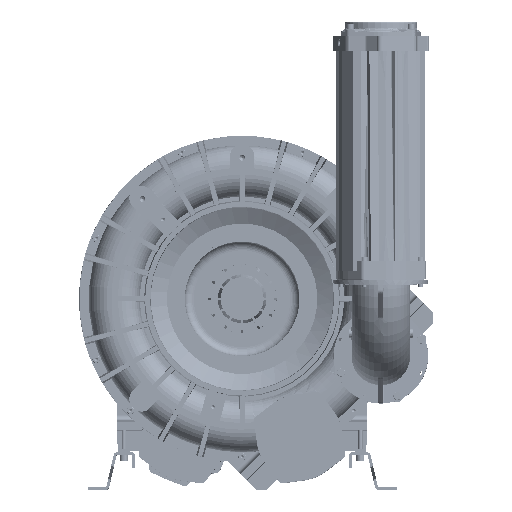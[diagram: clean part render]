
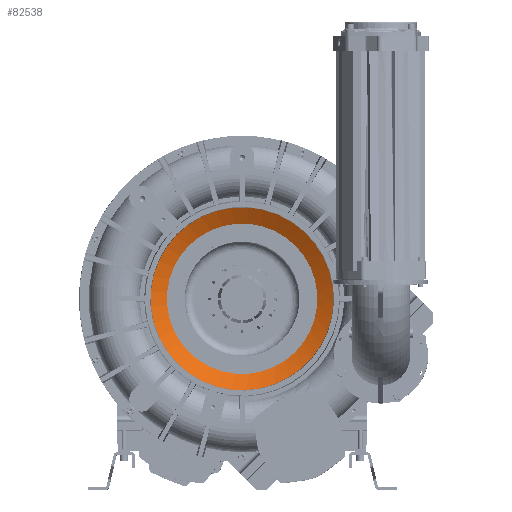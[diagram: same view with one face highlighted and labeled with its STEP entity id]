
A CAD part, top view. The second image highlights one B-rep face of the part: STEP entity #82538.
In plain terms, the highlighted conical face has half-angle 62 degrees and reference radius 131.023 mm.
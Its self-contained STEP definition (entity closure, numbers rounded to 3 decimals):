
#2879 = EDGE_LOOP ( 'NONE', ( #89160 ) ) ;
#15688 = CARTESIAN_POINT ( 'NONE',  ( 0., 0., 456. ) ) ;
#18648 = DIRECTION ( 'NONE',  ( 0., 0., 1. ) ) ;
#19528 = AXIS2_PLACEMENT_3D ( 'NONE', #315648, #290150, #210298 ) ;
#42511 = CARTESIAN_POINT ( 'NONE',  ( 0., 0., 456. ) ) ;
#65061 = AXIS2_PLACEMENT_3D ( 'NONE', #15688, #303167, #247115 ) ;
#82538 = ADVANCED_FACE ( 'NONE', ( #122874, #221658 ), #190169, .F. ) ;
#89160 = ORIENTED_EDGE ( 'NONE', *, *, #93385, .F. ) ;
#93385 = EDGE_CURVE ( 'NONE', #220189, #220189, #259799, .T. ) ;
#117232 = ORIENTED_EDGE ( 'NONE', *, *, #233946, .F. ) ;
#122874 = FACE_OUTER_BOUND ( 'NONE', #155732, .T. ) ;
#129787 = CARTESIAN_POINT ( 'NONE',  ( -112.584, -112.584, 470.991 ) ) ;
#155732 = EDGE_LOOP ( 'NONE', ( #117232 ) ) ;
#190169 = CONICAL_SURFACE ( 'NONE', #65061, 131.023, 1.082 ) ;
#210298 = DIRECTION ( 'NONE',  ( -0.707, -0.707, 0. ) ) ;
#220189 = VERTEX_POINT ( 'NONE', #323880 ) ;
#221658 = FACE_BOUND ( 'NONE', #2879, .T. ) ;
#233946 = EDGE_CURVE ( 'NONE', #310088, #310088, #291209, .T. ) ;
#247115 = DIRECTION ( 'NONE',  ( 0.707, 0.707, 0. ) ) ;
#255107 = DIRECTION ( 'NONE',  ( -0.707, -0.707, 0. ) ) ;
#259799 = CIRCLE ( 'NONE', #330514, 131.023 ) ;
#290150 = DIRECTION ( 'NONE',  ( 0., 0., -1. ) ) ;
#291209 = CIRCLE ( 'NONE', #19528, 159.217 ) ;
#303167 = DIRECTION ( 'NONE',  ( 0., 0., 1. ) ) ;
#310088 = VERTEX_POINT ( 'NONE', #129787 ) ;
#315648 = CARTESIAN_POINT ( 'NONE',  ( 0., 0., 470.991 ) ) ;
#323880 = CARTESIAN_POINT ( 'NONE',  ( -92.648, -92.648, 456. ) ) ;
#330514 = AXIS2_PLACEMENT_3D ( 'NONE', #42511, #18648, #255107 ) ;

**Brief**. Nothing but the lines from the first line of the listing above to the line containing "#19528 = AXIS2_PLACEMENT_3D" should appear in the answer, each one exact and with no pictures.

**Reply**.
[diagram: clean part render]
[diagram: same view with one face highlighted and labeled with its STEP entity id]
A CAD part, top view. The second image highlights one B-rep face of the part: STEP entity #82538.
In plain terms, the highlighted conical face has half-angle 62 degrees and reference radius 131.023 mm.
Its self-contained STEP definition (entity closure, numbers rounded to 3 decimals):
#2879 = EDGE_LOOP ( 'NONE', ( #89160 ) ) ;
#15688 = CARTESIAN_POINT ( 'NONE',  ( 0., 0., 456. ) ) ;
#18648 = DIRECTION ( 'NONE',  ( 0., 0., 1. ) ) ;
#19528 = AXIS2_PLACEMENT_3D ( 'NONE', #315648, #290150, #210298 ) ;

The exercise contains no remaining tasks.